ACTION ITEM:
Print the data below verbatim, minus images.

(Records contained in a dataset)

-----

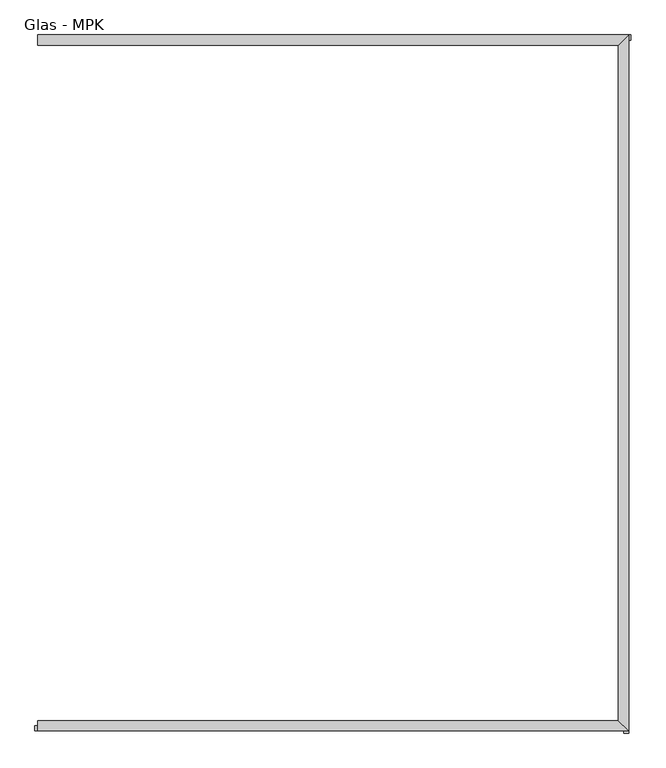
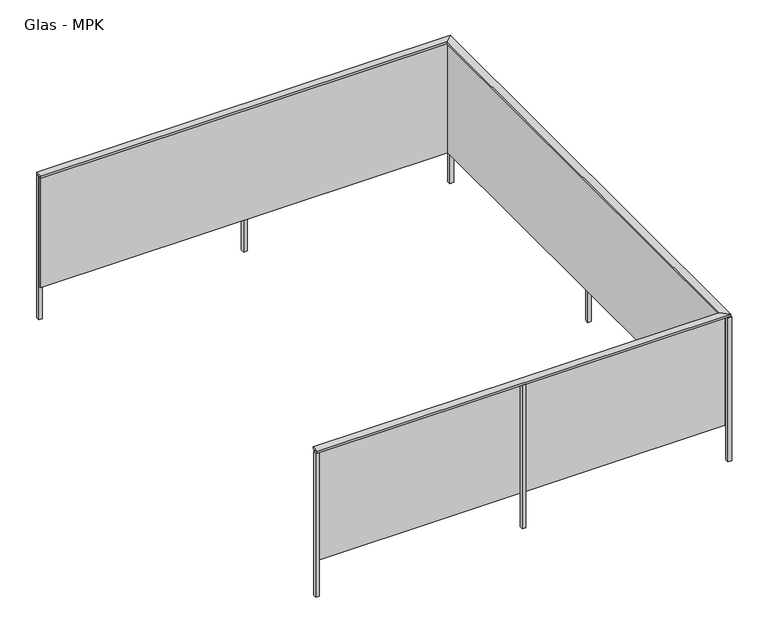
"""IFC4 building model written with IfcOpenShell, lengths in millimetres: railing geometry, Glas - MPK."""

from ifc_helpers import new_model, si_unit, frame, origin, place, context, project, spatial, polyline, outline, extrude, faceted_brep, source, transform, mapped, element, save


def glas_mpk_b2065e46(model_context):
    return source(origin(), model_context, "Body", "SolidModel", [
        faceted_brep([(28810.8437289, 1294.9571597, 6843.2628643), (28810.8437289, 1244.9571597, 6843.2628643), (28810.8437289, 1244.9571597, 6856.7371357), (28810.8437289, 1294.9571597, 6856.7371357), (31650.8437289, 1294.9571597, 6843.2628643), (31600.8437289, 1244.9571597, 6843.2628643), (31600.8437289, 1244.9571597, 6856.7371357), (31650.8437289, 1294.9571597, 6856.7371357), (31650.8437289, -2045.7721864, 6843.2628643), (31600.8437289, -1995.7721864, 6843.2628643), (31600.8437289, -1995.7721864, 6856.7371357), (31650.8437289, -2045.7721864, 6856.7371357), (28810.8437289, -2045.7721864, 6843.2628643), (28810.8437289, -2045.7721864, 6856.7371357), (28810.8437289, -1995.7721864, 6856.7371357), (28810.8437289, -1995.7721864, 6843.2628643)], [[[0, 1, 2, 3]], [[1, 0, 4, 5]], [[2, 1, 5, 6]], [[3, 2, 6, 7]], [[0, 3, 7, 4]], [[5, 4, 8, 9]], [[6, 5, 9, 10]], [[7, 6, 10, 11]], [[4, 7, 11, 8]], [[12, 13, 14, 15]], [[9, 8, 12, 15]], [[10, 9, 15, 14]], [[11, 10, 14, 13]], [[8, 11, 13, 12]]]),
        faceted_brep([(28810.8437289, 1254.9571597, 6842.8769824), (28810.8437289, 1269.1492837, 6842.8769824), (28810.8437289, 1269.1492837, 6042.8769824), (28810.8437289, 1254.9571597, 6042.8769824), (31610.8437289, 1254.9571597, 6842.8769824), (31625.0358529, 1269.1492837, 6842.8769824), (31625.0358529, 1269.1492837, 6042.8769824), (31610.8437289, 1254.9571597, 6042.8769824), (31610.8437289, -2005.7721864, 6842.8769824), (31625.0358529, -2019.9643104, 6842.8769824), (31625.0358529, -2019.9643104, 6042.8769824), (31610.8437289, -2005.7721864, 6042.8769824), (28810.8437289, -2005.7721864, 6842.8769824), (28810.8437289, -2005.7721864, 6042.8769824), (28810.8437289, -2019.9643104, 6042.8769824), (28810.8437289, -2019.9643104, 6842.8769824)], [[[0, 1, 2, 3]], [[1, 0, 4, 5]], [[2, 1, 5, 6]], [[3, 2, 6, 7]], [[0, 3, 7, 4]], [[5, 4, 8, 9]], [[6, 5, 9, 10]], [[7, 6, 10, 11]], [[4, 7, 11, 8]], [[12, 13, 14, 15]], [[9, 8, 12, 15]], [[10, 9, 15, 14]], [[11, 10, 14, 13]], [[8, 11, 13, 12]]]),
        extrude(outline(polyline([(30242.0937289, -2020.7721864), (30242.0937289, -2045.7721864), (30217.0937289, -2045.7721864), (30217.0937289, -2020.7721864), (30242.0937289, -2020.7721864)])), frame((0.0, 0.0, 5800.0), z_axis=(0.0, 0.0, 1.0), x_axis=(1.0, 0.0, 0.0)), (0.0, 0.0, 1.0), 1043.2628643),
        extrude(outline(polyline([(31625.8437289, -362.9075133), (31650.8437289, -362.9075133), (31650.8437289, -387.9075133), (31625.8437289, -387.9075133), (31625.8437289, -362.9075133)])), frame((0.0, 0.0, 5800.0), z_axis=(0.0, 0.0, 1.0), x_axis=(1.0, 0.0, 0.0)), (0.0, 0.0, 1.0), 1043.2628643),
        extrude(outline(polyline([(30217.0937289, 1269.9571597), (30217.0937289, 1294.9571597), (30242.0937289, 1294.9571597), (30242.0937289, 1269.9571597), (30217.0937289, 1269.9571597)])), frame((0.0, 0.0, 5800.0), z_axis=(0.0, 0.0, 1.0), x_axis=(1.0, 0.0, 0.0)), (0.0, 0.0, 1.0), 1043.2628643),
        extrude(outline(polyline([(31625.8437289, -2030.7721864), (31650.8437289, -2030.7721864), (31650.8437289, -2055.7721864), (31625.8437289, -2055.7721864), (31625.8437289, -2030.7721864)])), frame((0.0, 0.0, 5800.0), z_axis=(0.0, 0.0, 1.0), x_axis=(1.0, 0.0, 0.0)), (0.0, 0.0, 1.0), 1043.2628643),
        extrude(outline(polyline([(31635.8437289, 1269.9571597), (31635.8437289, 1294.9571597), (31660.8437289, 1294.9571597), (31660.8437289, 1269.9571597), (31635.8437289, 1269.9571597)])), frame((0.0, 0.0, 5800.0), z_axis=(0.0, 0.0, 1.0), x_axis=(1.0, 0.0, 0.0)), (0.0, 0.0, 1.0), 1043.2628643),
        extrude(outline(polyline([(28823.3437289, -2020.7721864), (28823.3437289, -2045.7721864), (28798.3437289, -2045.7721864), (28798.3437289, -2020.7721864), (28823.3437289, -2020.7721864)])), frame((0.0, 0.0, 5800.0), z_axis=(0.0, 0.0, 1.0), x_axis=(1.0, 0.0, 0.0)), (0.0, 0.0, 1.0), 1043.2628643),
        extrude(outline(polyline([(28810.8437289, 1269.9571597), (28810.8437289, 1294.9571597), (28835.8437289, 1294.9571597), (28835.8437289, 1269.9571597), (28810.8437289, 1269.9571597)])), frame((0.0, 0.0, 5800.0), z_axis=(0.0, 0.0, 1.0), x_axis=(1.0, 0.0, 0.0)), (0.0, 0.0, 1.0), 1043.2628643),
    ])


if __name__ == "__main__":
    model = new_model("IFC4")
    model_context = context("Model", 3, world=origin())
    ifc_project = project(units=[si_unit("LENGTHUNIT", "METRE", prefix="MILLI")], contexts=[model_context])
    site = spatial("IfcSite", under=ifc_project)
    building = spatial("IfcBuilding", under=site)
    placement = place(None, origin())
    glas_mpk_shape = glas_mpk_b2065e46(model_context)
    element("IfcRailing", 1, ObjectType="Glas - MPK", at=placement, inside=building, context=model_context, shape_type="MappedRepresentation", body=[
        mapped(glas_mpk_shape, transform((0.0, 0.0, 0.0), x_axis=(1.0, 0.0, 0.0), y_axis=(0.0, 1.0, 0.0), z_axis=(0.0, 0.0, 1.0))),
    ])
    save(model, "model.ifc")

# Revit data of these elements
# Element 1 (IfcRailing, "Glas - MPK")
#   Materials on its faces: "Metal - Aluminum", "Window - Glass"
# Materials
#   "Metal - Aluminum": class "Unassigned", colour RGB 247 247 247, transparency 0, Comments = "Rendering appearance not upgraded "
#   "Window - Glass": class "Glas", colour RGB 128 128 255, transparency 0.75

-----

FINAL ANSWER:
"""IFC4 building model written with IfcOpenShell, lengths in millimetres: railing geometry, Glas - MPK."""

from ifc_helpers import new_model, si_unit, frame, origin, place, context, project, spatial, polyline, outline, extrude, faceted_brep, source, transform, mapped, element, save


def glas_mpk_b2065e46(model_context):
    return source(origin(), model_context, "Body", "SolidModel", [
        faceted_brep([(28810.8437289, 1294.9571597, 6843.2628643), (28810.8437289, 1244.9571597, 6843.2628643), (28810.8437289, 1244.9571597, 6856.7371357), (28810.8437289, 1294.9571597, 6856.7371357), (31650.8437289, 1294.9571597, 6843.2628643), (31600.8437289, 1244.9571597, 6843.2628643), (31600.8437289, 1244.9571597, 6856.7371357), (31650.8437289, 1294.9571597, 6856.7371357), (31650.8437289, -2045.7721864, 6843.2628643), (31600.8437289, -1995.7721864, 6843.2628643), (31600.8437289, -1995.7721864, 6856.7371357), (31650.8437289, -2045.7721864, 6856.7371357), (28810.8437289, -2045.7721864, 6843.2628643), (28810.8437289, -2045.7721864, 6856.7371357), (28810.8437289, -1995.7721864, 6856.7371357), (28810.8437289, -1995.7721864, 6843.2628643)], [[[0, 1, 2, 3]], [[1, 0, 4, 5]], [[2, 1, 5, 6]], [[3, 2, 6, 7]], [[0, 3, 7, 4]], [[5, 4, 8, 9]], [[6, 5, 9, 10]], [[7, 6, 10, 11]], [[4, 7, 11, 8]], [[12, 13, 14, 15]], [[9, 8, 12, 15]], [[10, 9, 15, 14]], [[11, 10, 14, 13]], [[8, 11, 13, 12]]]),
        faceted_brep([(28810.8437289, 1254.9571597, 6842.8769824), (28810.8437289, 1269.1492837, 6842.8769824), (28810.8437289, 1269.1492837, 6042.8769824), (28810.8437289, 1254.9571597, 6042.8769824), (31610.8437289, 1254.9571597, 6842.8769824), (31625.0358529, 1269.1492837, 6842.8769824), (31625.0358529, 1269.1492837, 6042.8769824), (31610.8437289, 1254.9571597, 6042.8769824), (31610.8437289, -2005.7721864, 6842.8769824), (31625.0358529, -2019.9643104, 6842.8769824), (31625.0358529, -2019.9643104, 6042.8769824), (31610.8437289, -2005.7721864, 6042.8769824), (28810.8437289, -2005.7721864, 6842.8769824), (28810.8437289, -2005.7721864, 6042.8769824), (28810.8437289, -2019.9643104, 6042.8769824), (28810.8437289, -2019.9643104, 6842.8769824)], [[[0, 1, 2, 3]], [[1, 0, 4, 5]], [[2, 1, 5, 6]], [[3, 2, 6, 7]], [[0, 3, 7, 4]], [[5, 4, 8, 9]], [[6, 5, 9, 10]], [[7, 6, 10, 11]], [[4, 7, 11, 8]], [[12, 13, 14, 15]], [[9, 8, 12, 15]], [[10, 9, 15, 14]], [[11, 10, 14, 13]], [[8, 11, 13, 12]]]),
        extrude(outline(polyline([(30242.0937289, -2020.7721864), (30242.0937289, -2045.7721864), (30217.0937289, -2045.7721864), (30217.0937289, -2020.7721864), (30242.0937289, -2020.7721864)])), frame((0.0, 0.0, 5800.0), z_axis=(0.0, 0.0, 1.0), x_axis=(1.0, 0.0, 0.0)), (0.0, 0.0, 1.0), 1043.2628643),
        extrude(outline(polyline([(31625.8437289, -362.9075133), (31650.8437289, -362.9075133), (31650.8437289, -387.9075133), (31625.8437289, -387.9075133), (31625.8437289, -362.9075133)])), frame((0.0, 0.0, 5800.0), z_axis=(0.0, 0.0, 1.0), x_axis=(1.0, 0.0, 0.0)), (0.0, 0.0, 1.0), 1043.2628643),
        extrude(outline(polyline([(30217.0937289, 1269.9571597), (30217.0937289, 1294.9571597), (30242.0937289, 1294.9571597), (30242.0937289, 1269.9571597), (30217.0937289, 1269.9571597)])), frame((0.0, 0.0, 5800.0), z_axis=(0.0, 0.0, 1.0), x_axis=(1.0, 0.0, 0.0)), (0.0, 0.0, 1.0), 1043.2628643),
        extrude(outline(polyline([(31625.8437289, -2030.7721864), (31650.8437289, -2030.7721864), (31650.8437289, -2055.7721864), (31625.8437289, -2055.7721864), (31625.8437289, -2030.7721864)])), frame((0.0, 0.0, 5800.0), z_axis=(0.0, 0.0, 1.0), x_axis=(1.0, 0.0, 0.0)), (0.0, 0.0, 1.0), 1043.2628643),
        extrude(outline(polyline([(31635.8437289, 1269.9571597), (31635.8437289, 1294.9571597), (31660.8437289, 1294.9571597), (31660.8437289, 1269.9571597), (31635.8437289, 1269.9571597)])), frame((0.0, 0.0, 5800.0), z_axis=(0.0, 0.0, 1.0), x_axis=(1.0, 0.0, 0.0)), (0.0, 0.0, 1.0), 1043.2628643),
        extrude(outline(polyline([(28823.3437289, -2020.7721864), (28823.3437289, -2045.7721864), (28798.3437289, -2045.7721864), (28798.3437289, -2020.7721864), (28823.3437289, -2020.7721864)])), frame((0.0, 0.0, 5800.0), z_axis=(0.0, 0.0, 1.0), x_axis=(1.0, 0.0, 0.0)), (0.0, 0.0, 1.0), 1043.2628643),
        extrude(outline(polyline([(28810.8437289, 1269.9571597), (28810.8437289, 1294.9571597), (28835.8437289, 1294.9571597), (28835.8437289, 1269.9571597), (28810.8437289, 1269.9571597)])), frame((0.0, 0.0, 5800.0), z_axis=(0.0, 0.0, 1.0), x_axis=(1.0, 0.0, 0.0)), (0.0, 0.0, 1.0), 1043.2628643),
    ])


if __name__ == "__main__":
    model = new_model("IFC4")
    model_context = context("Model", 3, world=origin())
    ifc_project = project(units=[si_unit("LENGTHUNIT", "METRE", prefix="MILLI")], contexts=[model_context])
    site = spatial("IfcSite", under=ifc_project)
    building = spatial("IfcBuilding", under=site)
    placement = place(None, origin())
    glas_mpk_shape = glas_mpk_b2065e46(model_context)
    element("IfcRailing", 1, ObjectType="Glas - MPK", at=placement, inside=building, context=model_context, shape_type="MappedRepresentation", body=[
        mapped(glas_mpk_shape, transform((0.0, 0.0, 0.0), x_axis=(1.0, 0.0, 0.0), y_axis=(0.0, 1.0, 0.0), z_axis=(0.0, 0.0, 1.0))),
    ])
    save(model, "model.ifc")

# Revit data of these elements
# Element 1 (IfcRailing, "Glas - MPK")
#   Materials on its faces: "Metal - Aluminum", "Window - Glass"
# Materials
#   "Metal - Aluminum": class "Unassigned", colour RGB 247 247 247, transparency 0, Comments = "Rendering appearance not upgraded "
#   "Window - Glass": class "Glas", colour RGB 128 128 255, transparency 0.75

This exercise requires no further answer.